Segment Start: Information provided

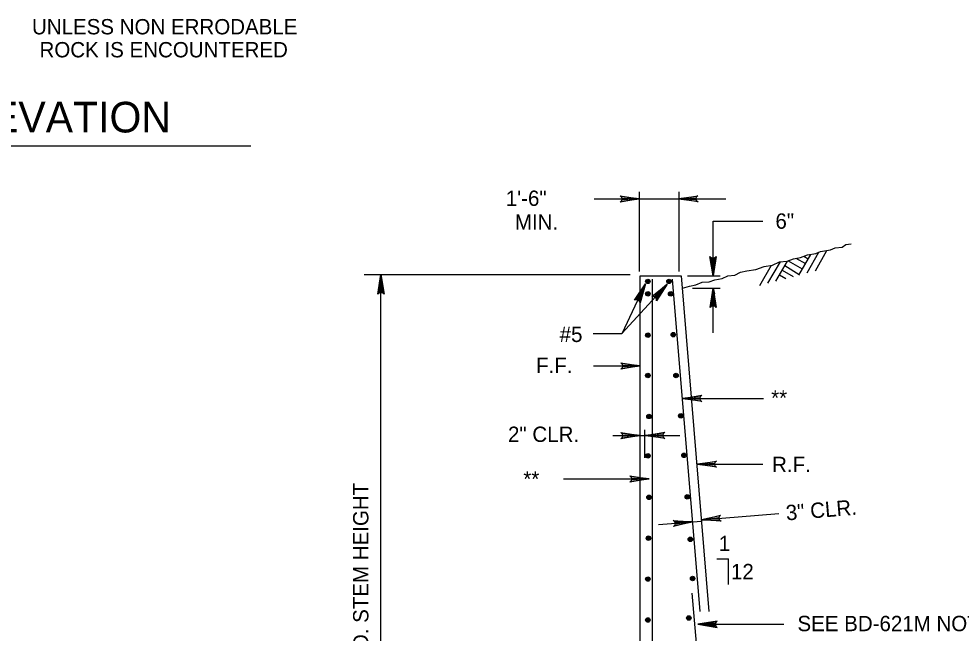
# Model space of a CAD drawing. Extents: x 639011 to 639866, y 298840 to 300028.
# Drawn here: x 639198.6 to 639383, y 299575.8 to 299696 of the extents above; entities that cross this region are included whole.
import ezdxf

# ---------------------------------------------------------------- set-up
doc = ezdxf.new("R2010")
doc.units = 0
doc.layers.add('2', color=7, linetype='Continuous')

msp = doc.modelspace()

# ---------------------------------------------------------------- linework, layer by layer
at = {"layer": '2'}
for p, q in [((639139.55, 299671.18), (639243.97, 299671.18)), ((639316.44, 299661.22), (639316.25, 299661.38)), ((639316.25, 299661.38), (639320.05, 299660.79)), ((639316.44, 299661.22), (639316.58, 299660.96)), ((639320.05, 299660.79), (639316.44, 299661.22)), ((639316.58, 299660.96), (639320.05, 299660.79)), ((639316.58, 299660.96), (639316.58, 299660.59)), ((639320.05, 299646.59), (639320.05, 299662.17)), ((639320.05, 299646.59), (639320.05, 299662.17)), ((639327.68, 299660.79), (639331.47, 299661.42)), ((639331.28, 299661.25), (639327.68, 299660.79)), ((639327.68, 299660.79), (639331.15, 299660.99)), ((639327.8, 299646.59), (639327.8, 299662.17)), ((639327.8, 299646.59), (639327.8, 299662.17)), ((639331.15, 299660.99), (639331.28, 299661.25)), ((639331.15, 299660.62), (639331.15, 299660.99)), ((639331.47, 299661.42), (639331.28, 299661.25)), ((639311.18, 299660.79), (639320.05, 299660.79)), ((639320.05, 299660.79), (639316.26, 299660.16)), ((639316.26, 299660.16), (639316.45, 299660.33)), ((639316.45, 299660.33), (639320.05, 299660.79)), ((639316.58, 299660.59), (639316.45, 299660.33)), ((639320.05, 299660.79), (639316.58, 299660.59)), ((639320.05, 299660.79), (639316.58, 299660.77)), ((639320.05, 299660.79), (639327.68, 299660.79)), ((639327.68, 299660.79), (639331.15, 299660.81)), ((639327.68, 299660.79), (639336.93, 299660.79)), ((639331.15, 299660.62), (639327.68, 299660.79)), ((639327.68, 299660.79), (639331.29, 299660.36)), ((639331.48, 299660.2), (639327.68, 299660.79)), ((639331.29, 299660.36), (639331.15, 299660.62)), ((639331.29, 299660.36), (639331.48, 299660.2)), ((639334.43, 299645.72), (639334.43, 299656.46)), ((639334.43, 299656.46), (639344.15, 299656.46)), ((639351.18, 299645.86), (639353.57, 299649.94)), ((639352.87, 299646.3), (639355.14, 299650.34)), ((639354.44, 299646.71), (639356.68, 299650.7)), ((639334.43, 299645.72), (639333.79, 299649.51)), ((639333.79, 299649.51), (639333.97, 299649.32)), ((639334.23, 299649.19), (639333.97, 299649.32)), ((639333.97, 299649.32), (639334.43, 299645.72)), ((639334.43, 299645.72), (639334.23, 299649.19)), ((639334.59, 299649.19), (639334.23, 299649.19)), ((639334.43, 299645.72), (639334.41, 299649.19)), ((639335.02, 299649.52), (639334.43, 299645.72)), ((639334.43, 299645.72), (639334.86, 299649.33)), ((639334.59, 299649.19), (639334.43, 299645.72)), ((639334.86, 299649.33), (639334.59, 299649.19)), ((639334.86, 299649.33), (639335.02, 299649.52)), ((639345.13, 299644.28), (639347.59, 299648.48)), ((639346.7, 299644.69), (639349.01, 299648.62)), ((639349.15, 299648.68), (639351.89, 299647.08)), ((639350.6, 299649.17), (639352.52, 299648.15)), ((639352.18, 299649.57), (639353.05, 299649.06)), ((639343.56, 299643.87), (639345.87, 299647.81)), ((639347.95, 299646.82), (639350.09, 299645.57)), ((639348.49, 299647.74), (639351.27, 299646.01)), ((639266.18, 299645.97), (639318.21, 299645.97)), ((639268.84, 299642.16), (639269.43, 299645.97)), ((639269.43, 299645.97), (639269, 299642.36)), ((639269.26, 299642.49), (639269.43, 299645.97)), ((639269.43, 299537.34), (639269.43, 299645.97)), ((639269.43, 299645.97), (639269.62, 299642.5)), ((639269.89, 299642.37), (639269.43, 299645.97)), ((639269.43, 299645.97), (639270.06, 299642.17)), ((639269.43, 299645.97), (639269.44, 299642.49)), ((639320.18, 299645.72), (639328.18, 299645.72)), ((639320.18, 299537.22), (639320.18, 299645.72)), ((639322.55, 299547.22), (639322.55, 299645.09)), ((639326.43, 299645.09), (639331.85, 299580.02)), ((639328.18, 299645.72), (639333.63, 299580)), ((639329.43, 299645.72), (639335.8, 299645.72)), ((639329.43, 299645.72), (639335.8, 299645.72)), ((639347.42, 299645.91), (639348.64, 299645.19)), ((639316.59, 299634.46), (639325.44, 299644.09)), ((639316.61, 299634.46), (639321.18, 299644.16)), ((639319.03, 299640.97), (639321.18, 299644.16)), ((639321.18, 299644.16), (639319.26, 299641.07)), ((639319.55, 299641.08), (639321.18, 299644.16)), ((639321.18, 299644.16), (639319.72, 299641.01)), ((639321.18, 299644.16), (639319.88, 299640.93)), ((639320.06, 299640.71), (639321.18, 299644.16)), ((639321.18, 299644.16), (639320.14, 299640.45)), ((639322.43, 299641.69), (639325.44, 299644.09)), ((639325.44, 299644.09), (639322.68, 299641.73)), ((639322.96, 299641.65), (639325.44, 299644.09)), ((639325.44, 299644.09), (639323.1, 299641.53)), ((639325.44, 299644.09), (639323.23, 299641.4)), ((639323.34, 299641.13), (639325.44, 299644.09)), ((639325.44, 299644.09), (639323.34, 299640.87)), ((639330.43, 299643.34), (639335.8, 299643.34)), ((639330.43, 299643.34), (639335.8, 299643.34)), ((639333.84, 299639.54), (639334.43, 299643.34)), ((639334.43, 299643.34), (639334, 299639.73)), ((639334.26, 299639.87), (639334.43, 299643.34)), ((639334.43, 299634.59), (639334.43, 299643.34)), ((639334.43, 299643.34), (639334.62, 299639.87)), ((639334.89, 299639.74), (639334.43, 299643.34)), ((639334.43, 299643.34), (639335.06, 299639.55)), ((639334.43, 299643.34), (639334.44, 299639.87)), ((639269, 299642.36), (639268.84, 299642.16)), ((639269, 299642.36), (639269.26, 299642.49)), ((639269.26, 299642.49), (639269.62, 299642.5)), ((639269.62, 299642.5), (639269.89, 299642.37)), ((639270.06, 299642.17), (639269.89, 299642.37)), ((639319.26, 299641.07), (639319.03, 299640.97)), ((639319.26, 299641.07), (639319.55, 299641.08)), ((639319.55, 299641.08), (639319.88, 299640.93)), ((639319.88, 299640.93), (639320.06, 299640.71)), ((639320.14, 299640.45), (639320.06, 299640.71)), ((639322.68, 299641.73), (639322.43, 299641.69)), ((639322.68, 299641.73), (639322.96, 299641.65)), ((639322.96, 299641.65), (639323.23, 299641.4)), ((639323.23, 299641.4), (639323.34, 299641.13)), ((639323.34, 299640.87), (639323.34, 299641.13)), ((639334, 299639.73), (639333.84, 299639.54)), ((639334, 299639.73), (639334.26, 299639.87)), ((639334.26, 299639.87), (639334.62, 299639.87)), ((639334.62, 299639.87), (639334.89, 299639.74)), ((639335.06, 299639.55), (639334.89, 299639.74)), ((639310.97, 299634.46), (639316.59, 299634.46)), ((639311.06, 299628.09), (639320.18, 299628.09)), ((639316.57, 299628.52), (639316.38, 299628.68)), ((639316.38, 299628.68), (639320.18, 299628.09)), ((639320.18, 299628.09), (639316.38, 299627.46)), ((639316.57, 299628.52), (639316.7, 299628.26)), ((639320.18, 299628.09), (639316.57, 299628.52)), ((639316.58, 299627.63), (639320.18, 299628.09)), ((639316.71, 299627.9), (639316.58, 299627.63)), ((639316.7, 299628.26), (639320.18, 299628.09)), ((639316.7, 299628.26), (639316.71, 299627.9)), ((639320.18, 299628.09), (639316.71, 299627.9)), ((639320.18, 299628.09), (639316.71, 299628.08)), ((639316.38, 299627.46), (639316.58, 299627.63)), ((639328.43, 299621.72), (639332.22, 299622.35)), ((639332.22, 299622.35), (639332.03, 299622.17)), ((639332.03, 299622.17), (639328.43, 299621.72)), ((639328.43, 299621.72), (639331.9, 299621.91)), ((639328.43, 299621.72), (639331.9, 299621.73)), ((639328.43, 299621.72), (639344.3, 299621.72)), ((639331.9, 299621.55), (639328.43, 299621.72)), ((639328.43, 299621.72), (639332.04, 299621.29)), ((639332.23, 299621.13), (639328.43, 299621.72)), ((639331.9, 299621.91), (639332.03, 299622.17)), ((639331.9, 299621.55), (639331.9, 299621.91)), ((639332.04, 299621.29), (639331.9, 299621.55)), ((639332.04, 299621.29), (639332.23, 299621.13)), ((639316.57, 299614.9), (639316.38, 299615.06)), ((639316.38, 299615.06), (639320.18, 299614.47)), ((639316.57, 299614.9), (639316.7, 299614.63)), ((639320.18, 299614.47), (639316.57, 299614.9)), ((639321.05, 299610.09), (639321.05, 299615.6)), ((639321.18, 299614.47), (639324.97, 299615.1)), ((639324.78, 299614.92), (639321.18, 299614.47)), ((639324.65, 299614.66), (639324.78, 299614.92)), ((639324.97, 299615.1), (639324.78, 299614.92)), ((639314.8, 299614.47), (639320.18, 299614.47)), ((639320.18, 299614.47), (639316.38, 299613.83)), ((639316.38, 299613.83), (639316.58, 299614.01)), ((639316.58, 299614.01), (639320.18, 299614.47)), ((639316.71, 299614.27), (639316.58, 299614.01)), ((639316.7, 299614.63), (639320.18, 299614.47)), ((639316.7, 299614.63), (639316.71, 299614.27)), ((639320.18, 299614.47), (639316.71, 299614.27)), ((639320.18, 299614.47), (639316.71, 299614.45)), ((639320.18, 299614.47), (639327.93, 299614.47)), ((639321.18, 299614.47), (639324.65, 299614.66)), ((639321.18, 299614.47), (639324.65, 299614.48)), ((639324.65, 299614.3), (639321.18, 299614.47)), ((639321.18, 299614.47), (639324.79, 299614.04)), ((639324.98, 299613.88), (639321.18, 299614.47)), ((639324.65, 299614.3), (639324.65, 299614.66)), ((639324.79, 299614.04), (639324.65, 299614.3)), ((639324.79, 299614.04), (639324.98, 299613.88)), ((639331.3, 299608.84), (639335.1, 299609.48)), ((639335.1, 299609.48), (639334.9, 299609.3)), ((639334.9, 299609.3), (639331.3, 299608.84)), ((639331.3, 299608.84), (639334.77, 299609.04)), ((639331.3, 299608.84), (639334.78, 299608.86)), ((639331.3, 299608.84), (639344.18, 299608.84)), ((639334.78, 299608.68), (639331.3, 299608.84)), ((639331.3, 299608.84), (639334.91, 299608.41)), ((639335.1, 299608.25), (639331.3, 299608.84)), ((639334.77, 299609.04), (639334.9, 299609.3)), ((639334.78, 299608.68), (639334.77, 299609.04)), ((639334.91, 299608.41), (639334.78, 299608.68)), ((639334.91, 299608.41), (639335.1, 299608.25)), ((639305.18, 299605.97), (639321.93, 299605.97)), ((639318.32, 299606.4), (639318.13, 299606.56)), ((639318.13, 299606.56), (639321.93, 299605.97)), ((639321.93, 299605.97), (639318.13, 299605.33)), ((639318.32, 299606.4), (639318.45, 299606.13)), ((639321.93, 299605.97), (639318.32, 299606.4)), ((639318.33, 299605.51), (639321.93, 299605.97)), ((639318.46, 299605.77), (639318.33, 299605.51)), ((639318.45, 299606.13), (639321.93, 299605.97)), ((639318.45, 299606.13), (639318.46, 299605.77)), ((639321.93, 299605.97), (639318.46, 299605.77)), ((639321.93, 299605.97), (639318.46, 299605.95)), ((639318.13, 299605.33), (639318.33, 299605.51)), ((639332.18, 299597.97), (639347.3, 299599.22)), ((639332.18, 299597.97), (639335.91, 299598.91)), ((639335.73, 299598.72), (639332.18, 299597.97)), ((639332.18, 299597.97), (639335.62, 299598.45)), ((639332.18, 299597.97), (639335.64, 299598.27)), ((639335.62, 299598.45), (639335.73, 299598.72)), ((639335.65, 299598.09), (639335.62, 299598.45)), ((639335.91, 299598.91), (639335.73, 299598.72)), ((639323.72, 299597.05), (639332.16, 299597.73)), ((639326.8, 299597.73), (639326.59, 299597.87)), ((639326.59, 299597.87), (639330.43, 299597.59)), ((639330.43, 299597.59), (639326.7, 299596.65)), ((639326.7, 299596.65), (639326.88, 299596.85)), ((639326.8, 299597.73), (639326.95, 299597.48)), ((639330.43, 299597.59), (639326.8, 299597.73)), ((639326.88, 299596.85), (639330.43, 299597.59)), ((639326.98, 299597.12), (639326.88, 299596.85)), ((639326.95, 299597.48), (639330.43, 299597.59)), ((639326.95, 299597.48), (639326.98, 299597.12)), ((639330.43, 299597.59), (639326.97, 299597.3)), ((639330.43, 299597.59), (639326.98, 299597.12)), ((639335.65, 299598.09), (639332.18, 299597.97)), ((639332.18, 299597.97), (639335.81, 299597.84)), ((639336.02, 299597.69), (639332.18, 299597.97)), ((639335.81, 299597.84), (639335.65, 299598.09)), ((639335.81, 299597.84), (639336.02, 299597.69)), ((639335.18, 299590.34), (639337.43, 299590.34)), ((639337.43, 299585.34), (639337.43, 299590.34)), ((639330.3, 299583.59), (639331.51, 299569.16)), ((639335.24, 299578.12), (639331.44, 299577.53)), ((639335.05, 299577.97), (639335.24, 299578.12)), ((639331.44, 299577.53), (639335.05, 299577.97)), ((639334.91, 299577.7), (639331.44, 299577.53)), ((639331.44, 299577.53), (639348.3, 299577.53)), ((639331.44, 299577.53), (639334.91, 299577.34)), ((639335.04, 299577.08), (639331.44, 299577.53)), ((639331.44, 299577.53), (639335.24, 299576.9)), ((639331.44, 299577.53), (639334.91, 299577.52)), ((639335.05, 299577.97), (639334.91, 299577.7)), ((639334.91, 299577.7), (639334.91, 299577.34)), ((639334.91, 299577.34), (639335.04, 299577.08)), ((639335.24, 299576.9), (639335.04, 299577.08))]:
    msp.add_line(p, q, dxfattribs=at)
for points in [[(639328.43, 299643.34), (639329.8, 299643.72), (639331.05, 299643.97), (639332.3, 299644.47), (639333.68, 299644.59), (639334.8, 299644.97), (639336.18, 299645.22), (639337.3, 299645.72), (639338.68, 299645.84), (639339.8, 299646.47), (639341.05, 299646.72), (639342.8, 299646.97), (639344.43, 299647.59), (639346.05, 299647.84), (639347.43, 299648.47), (639348.93, 299648.59), (639350.18, 299649.09), (639351.55, 299649.34), (639352.93, 299649.84), (639354.55, 299650.09), (639355.43, 299650.47), (639357.43, 299650.84), (639358.3, 299651.22), (639359.68, 299651.34), (639360.43, 299651.84), (639361.43, 299651.97)], [(639328.43, 299643.34), (639329.8, 299643.72), (639331.05, 299643.97), (639332.3, 299644.47), (639333.68, 299644.59), (639334.8, 299644.97), (639336.18, 299645.22), (639337.3, 299645.72), (639338.68, 299645.84), (639339.8, 299646.47), (639341.05, 299646.72), (639342.8, 299646.97), (639344.43, 299647.59), (639346.05, 299647.84), (639347.43, 299648.47), (639348.93, 299648.59), (639350.18, 299649.09), (639351.55, 299649.34), (639352.93, 299649.84), (639354.55, 299650.09), (639355.43, 299650.47), (639357.43, 299650.84), (639358.3, 299651.22), (639359.68, 299651.34), (639360.43, 299651.84), (639361.43, 299651.97)], [(639334.3, 299642.22), (639334.43, 299642.22), (639334.43, 299643.34), (639334.3, 299642.22), (639334.3, 299642.22), (639334.43, 299643.34), (639334.55, 299642.22), (639334.55, 299642.22), (639334.43, 299643.34), (639334.68, 299642.22), (639334.55, 299642.22)]]:
    msp.add_lwpolyline(points, dxfattribs=at)
for centre, radius in [((639321.67, 299644.64), 0.437), ((639321.67, 299644.64), 0.437), ((639321.67, 299644.64), 0.312), ((639321.67, 299644.64), 0.312), ((639321.67, 299644.64), 0.17), ((639321.67, 299644.64), 0.17), ((639321.67, 299644.64), 0.086), ((639321.67, 299644.64), 0.086), ((639321.67, 299644.64), 0.0368), ((639321.67, 299644.64), 0.0368), ((639325.81, 299644.64), 0.437), ((639325.81, 299644.64), 0.437), ((639325.81, 299644.64), 0.312), ((639325.81, 299644.64), 0.312), ((639325.81, 299644.64), 0.17), ((639325.81, 299644.64), 0.17), ((639325.81, 299644.64), 0.086), ((639325.81, 299644.64), 0.086), ((639325.81, 299644.64), 0.0368), ((639325.81, 299644.64), 0.0368), ((639321.67, 299642.22), 0.437), ((639321.67, 299642.22), 0.437), ((639321.67, 299642.22), 0.312), ((639321.67, 299642.22), 0.312), ((639326.14, 299642.22), 0.437), ((639326.14, 299642.22), 0.437), ((639326.14, 299642.22), 0.312), ((639326.14, 299642.22), 0.312), ((639321.67, 299642.22), 0.17), ((639321.67, 299642.22), 0.17), ((639321.67, 299642.22), 0.086), ((639321.67, 299642.22), 0.086), ((639321.67, 299642.22), 0.0368), ((639321.67, 299642.22), 0.0368), ((639326.14, 299642.22), 0.17), ((639326.14, 299642.22), 0.17), ((639326.14, 299642.22), 0.086), ((639326.14, 299642.22), 0.086), ((639326.14, 299642.22), 0.0368), ((639326.14, 299642.22), 0.0368), ((639321.67, 299634.11), 0.437), ((639321.67, 299634.11), 0.437), ((639321.67, 299634.11), 0.312), ((639321.67, 299634.11), 0.312), ((639321.67, 299634.11), 0.17), ((639321.67, 299634.11), 0.17), ((639321.67, 299634.11), 0.086), ((639321.67, 299634.11), 0.086), ((639321.67, 299634.11), 0.0368), ((639321.67, 299634.11), 0.0368), ((639326.64, 299634.22), 0.437), ((639326.64, 299634.22), 0.437), ((639326.64, 299634.22), 0.312), ((639326.64, 299634.22), 0.312), ((639326.64, 299634.22), 0.17), ((639326.64, 299634.22), 0.17), ((639326.64, 299634.22), 0.086), ((639326.64, 299634.22), 0.086), ((639326.64, 299634.22), 0.0368), ((639326.64, 299634.22), 0.0368), ((639321.67, 299626.22), 0.437), ((639321.67, 299626.22), 0.437), ((639321.67, 299626.22), 0.312), ((639321.67, 299626.22), 0.312), ((639321.67, 299626.22), 0.17), ((639321.67, 299626.22), 0.17), ((639321.67, 299626.22), 0.086), ((639321.67, 299626.22), 0.086), ((639321.67, 299626.22), 0.0368), ((639321.67, 299626.22), 0.0368), ((639327.18, 299626.22), 0.437), ((639327.18, 299626.22), 0.437), ((639327.18, 299626.22), 0.312), ((639327.18, 299626.22), 0.312), ((639327.18, 299626.22), 0.17), ((639327.18, 299626.22), 0.17), ((639327.18, 299626.22), 0.086), ((639327.18, 299626.22), 0.086), ((639327.18, 299626.22), 0.0368), ((639327.18, 299626.22), 0.0368), ((639321.89, 299618.21), 0.437), ((639321.89, 299618.21), 0.437), ((639328.12, 299618.32), 0.437), ((639328.12, 299618.32), 0.437), ((639328.12, 299618.32), 0.312), ((639328.12, 299618.32), 0.312), ((639321.89, 299618.21), 0.312), ((639321.89, 299618.21), 0.312), ((639321.89, 299618.21), 0.17), ((639321.89, 299618.21), 0.17), ((639321.89, 299618.21), 0.086), ((639321.89, 299618.21), 0.086), ((639321.89, 299618.21), 0.0368), ((639321.89, 299618.21), 0.0368), ((639328.12, 299618.32), 0.17), ((639328.12, 299618.32), 0.17), ((639328.12, 299618.32), 0.086), ((639328.12, 299618.32), 0.086), ((639328.12, 299618.32), 0.0368), ((639328.12, 299618.32), 0.0368), ((639321.67, 299610.49), 0.437), ((639321.67, 299610.49), 0.437), ((639321.67, 299610.49), 0.312), ((639321.67, 299610.49), 0.312), ((639321.67, 299610.49), 0.17), ((639321.67, 299610.49), 0.17), ((639321.67, 299610.49), 0.086), ((639321.67, 299610.49), 0.086), ((639321.67, 299610.49), 0.0368), ((639321.67, 299610.49), 0.0368), ((639328.72, 299610.59), 0.437), ((639328.72, 299610.59), 0.437), ((639328.72, 299610.59), 0.312), ((639328.72, 299610.59), 0.312), ((639328.72, 299610.59), 0.17), ((639328.72, 299610.59), 0.17), ((639328.72, 299610.59), 0.086), ((639328.72, 299610.59), 0.086), ((639328.72, 299610.59), 0.0368), ((639328.72, 299610.59), 0.0368), ((639321.89, 299602.37), 0.437), ((639321.89, 299602.37), 0.437), ((639321.89, 299602.37), 0.312), ((639321.89, 299602.37), 0.312), ((639321.89, 299602.37), 0.17), ((639321.89, 299602.37), 0.17), ((639321.89, 299602.37), 0.086), ((639321.89, 299602.37), 0.086), ((639321.89, 299602.37), 0.0368), ((639321.89, 299602.37), 0.0368), ((639329.38, 299602.48), 0.437), ((639329.38, 299602.48), 0.437), ((639329.38, 299602.48), 0.312), ((639329.38, 299602.48), 0.312), ((639329.38, 299602.48), 0.17), ((639329.38, 299602.48), 0.17), ((639329.38, 299602.48), 0.086), ((639329.38, 299602.48), 0.086), ((639329.38, 299602.48), 0.0368), ((639329.38, 299602.48), 0.0368), ((639321.78, 299594.37), 0.437), ((639321.78, 299594.37), 0.437), ((639321.78, 299594.37), 0.312), ((639321.78, 299594.37), 0.312), ((639329.98, 299594.15), 0.437), ((639329.98, 299594.15), 0.437), ((639321.78, 299594.37), 0.17), ((639321.78, 299594.37), 0.17), ((639321.78, 299594.37), 0.086), ((639321.78, 299594.37), 0.086), ((639321.78, 299594.37), 0.0368), ((639321.78, 299594.37), 0.0368), ((639329.98, 299594.15), 0.312), ((639329.98, 299594.15), 0.312), ((639329.98, 299594.15), 0.17), ((639329.98, 299594.15), 0.17), ((639329.98, 299594.15), 0.086), ((639329.98, 299594.15), 0.086), ((639329.98, 299594.15), 0.0368), ((639329.98, 299594.15), 0.0368), ((639321.67, 299586.37), 0.437), ((639321.67, 299586.37), 0.437), ((639321.67, 299586.37), 0.312), ((639321.67, 299586.37), 0.312), ((639321.67, 299586.37), 0.17), ((639321.67, 299586.37), 0.17), ((639321.67, 299586.37), 0.086), ((639321.67, 299586.37), 0.086), ((639321.67, 299586.37), 0.0368), ((639321.67, 299586.37), 0.0368), ((639330.42, 299586.48), 0.437), ((639330.42, 299586.48), 0.437), ((639330.42, 299586.48), 0.312), ((639330.42, 299586.48), 0.312), ((639330.42, 299586.48), 0.17), ((639330.42, 299586.48), 0.17), ((639330.42, 299586.48), 0.086), ((639330.42, 299586.48), 0.086), ((639330.42, 299586.48), 0.0368), ((639330.42, 299586.48), 0.0368), ((639321.67, 299578.36), 0.437), ((639321.67, 299578.36), 0.437), ((639321.67, 299578.36), 0.312), ((639321.67, 299578.36), 0.312), ((639321.67, 299578.36), 0.17), ((639321.67, 299578.36), 0.17), ((639321.67, 299578.36), 0.086), ((639321.67, 299578.36), 0.086), ((639321.67, 299578.36), 0.0368), ((639321.67, 299578.36), 0.0368), ((639329.69, 299578.75), 0.437), ((639329.69, 299578.75), 0.437), ((639329.69, 299578.75), 0.312), ((639329.69, 299578.75), 0.312), ((639329.69, 299578.75), 0.17), ((639329.69, 299578.75), 0.17), ((639329.69, 299578.75), 0.086), ((639329.69, 299578.75), 0.086), ((639329.69, 299578.75), 0.0368), ((639329.69, 299578.75), 0.0368)]:
    msp.add_circle(centre, radius, dxfattribs=at)

# ---------------------------------------------------------------- texts
for s, height, p in [('UNLESS NON ERRODABLE', 3, (639201.16, 299693)), ('ROCK IS ENCOUNTERED', 3, (639202.64, 299688.5)), ('ENDWALL ELEVATION', 6, (639142.31, 299673.8)), ('1\'-6"', 3, (639293.88, 299659.42)), ('MIN.', 3, (639295.65, 299654.74)), ('6"', 3, (639346.63, 299654.95)), ('#5', 3, (639304.41, 299632.78)), ('F.F.', 3, (639299.79, 299626.69)), ('**', 3, (639345.8, 299620.34)), ('2" CLR.', 3, (639294.3, 299613.22)), ('**', 3, (639297.3, 299604.47)), ('1', 3, (639335.55, 299591.84)), ('12', 3, (639337.93, 299586.34)), ('SEE BD-621M NOTES 11 AND 13.', 3, (639350.94, 299576.17))]:
    msp.add_text(s, height=height, dxfattribs=at).set_placement(p)
for s, rotation, p in [('R.F.', 0.0251, (639345.98, 299607.31)), ("REQ'D. STEM HEIGHT", 90, (639266.99, 299563.22)), ('3" CLR.', 4.7481, (639348.8, 299597.84))]:
    msp.add_text(s, height=3, rotation=rotation, dxfattribs=at).set_placement(p)

doc.saveas('drawing.dxf')

Segment End: Information provided

> _Assigned task_
Among the entries above, how many lines hold the string "rotation"? Respond with nothing but the number.

> _Solution for this exercise_
2